Chroniques

par laurent bergnach

Les quatre jumelles
opéra-bouffe de Régis Campo

Théâtre Silvia Monfort, Paris
- 12 février 2009
Les quatre jumelles, opéra-bouffe de Régis Campo
© enrico bertolucci

C'est en 1973 que Copi (1939-1987) fait paraître Les quatre jumelles, une pièce qui, comme ses précédentes (La Journée d'une rêveuse, Eva Peron, etc.), s'inscrit dans l'héritage du théâtre de l'absurde apparu dans les années cinquante avec Adamov, Beckett et Ionesco. En effet, on retrouve ici quelques règles du genre comme le refus du réalisme, l'absence d'intrigue et surtout un climat de catastrophe invitant à un rire plus ou moins grinçant. Qu'on en juge : dans un Alaska imaginaire, les sœurs Goldwashing, chercheuses d'or en quête de travail, rencontrent les sœurs Smith avec lesquelles commence une lutte à mort sans répit. Dans ce huis clos burlesque dominé par la figure du travesti, l'écrivain argentin joue de manière désinvolte avec la transgression (la drogue, l'insulte la plus triviale) comme avec les stéréotypes de genres littéraires considérés comme mineur (enfance délinquante des sœurs Goldwashing, digne d'un roman-feuilleton suranné).

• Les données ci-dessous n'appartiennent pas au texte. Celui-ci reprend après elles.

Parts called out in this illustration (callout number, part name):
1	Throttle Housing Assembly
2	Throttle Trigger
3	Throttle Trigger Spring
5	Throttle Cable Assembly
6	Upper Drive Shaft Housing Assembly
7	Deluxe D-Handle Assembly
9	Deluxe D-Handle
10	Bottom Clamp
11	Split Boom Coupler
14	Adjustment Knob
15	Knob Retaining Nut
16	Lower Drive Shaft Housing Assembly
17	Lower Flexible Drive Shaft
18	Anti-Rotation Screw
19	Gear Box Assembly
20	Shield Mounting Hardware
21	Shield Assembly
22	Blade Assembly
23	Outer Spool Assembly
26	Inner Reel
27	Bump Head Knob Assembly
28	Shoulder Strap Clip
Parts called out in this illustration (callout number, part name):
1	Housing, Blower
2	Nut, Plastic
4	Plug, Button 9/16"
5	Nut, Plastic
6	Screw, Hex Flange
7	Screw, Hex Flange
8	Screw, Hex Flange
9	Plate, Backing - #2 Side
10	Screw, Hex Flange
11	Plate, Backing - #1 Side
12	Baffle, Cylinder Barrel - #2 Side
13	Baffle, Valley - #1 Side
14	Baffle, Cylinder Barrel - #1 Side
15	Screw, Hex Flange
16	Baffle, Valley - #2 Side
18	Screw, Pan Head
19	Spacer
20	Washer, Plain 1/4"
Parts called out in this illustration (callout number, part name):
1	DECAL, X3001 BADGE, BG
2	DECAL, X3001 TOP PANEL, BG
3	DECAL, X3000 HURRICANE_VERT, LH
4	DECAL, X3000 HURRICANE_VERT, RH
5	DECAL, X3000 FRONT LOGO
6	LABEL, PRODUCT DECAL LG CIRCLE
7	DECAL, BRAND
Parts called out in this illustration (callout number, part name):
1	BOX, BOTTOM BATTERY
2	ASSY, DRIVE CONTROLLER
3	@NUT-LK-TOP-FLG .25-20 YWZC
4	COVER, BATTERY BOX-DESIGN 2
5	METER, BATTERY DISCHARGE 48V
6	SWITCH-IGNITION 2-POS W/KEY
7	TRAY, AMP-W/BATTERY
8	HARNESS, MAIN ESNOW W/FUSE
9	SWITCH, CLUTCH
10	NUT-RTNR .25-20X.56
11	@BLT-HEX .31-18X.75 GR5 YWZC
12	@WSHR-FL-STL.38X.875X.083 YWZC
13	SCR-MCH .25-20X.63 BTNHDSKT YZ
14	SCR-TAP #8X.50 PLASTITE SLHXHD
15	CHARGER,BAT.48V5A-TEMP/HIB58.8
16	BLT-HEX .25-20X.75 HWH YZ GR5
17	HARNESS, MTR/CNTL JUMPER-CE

De cette pièce plus que trentenaire, Régis Campo a tiré un opéra-bouffe en un acte – « genre à réinventer dans la production actuelle de l'opéra contemporain français », dit-il –, créé à la Maison de la Musique de Nanterre le 9 janvier dernier, et conçu pour pouvoir tourner facilement dans les salles. L'instrumentarium est ainsi réduit à une trompette, un hautbois, une contrebasse, une guitare électrique, un accordéon, un violon, une clarinette, une flûte et aux percussions, soit des membres de l'Ensemble TM+, dirigé rondement par Laurent Cuniot. Pour sa part, usant d'un décor dépouillé, Jean-Christophe Saïs respecte la fantaisie du texte sans surenchérir l'hystérie musicale (les coups donnés à distance, par exemple).

Si l'on s'agace de glissandos récurrents côté Smith, de l'unisson des premiers duos côté Goldwashing, force est de féliciter le compositeur pour son audace dans le choix des tessitures et la qualité des artistes invités. Julie Robard-Gendre et Sylvia Vadimova (Maria et Leïla Smith) sont deux mezzo-sopranos qui s'équilibrent judicieusement – chant clair pour la première, plus ferme et profond pour la seconde. Avec la quinte de toux qui suit sa piqure de talc, le contre-ténor Robert Expert (Joséphine) prouve que ses graves sont aussi sonores que ses aigus. Enfin, si l'on doutait de la souplesse du sopraniste Fabrice di Falco, son air du kaléidoscope permet de clore magnifiquement l'ouvrage.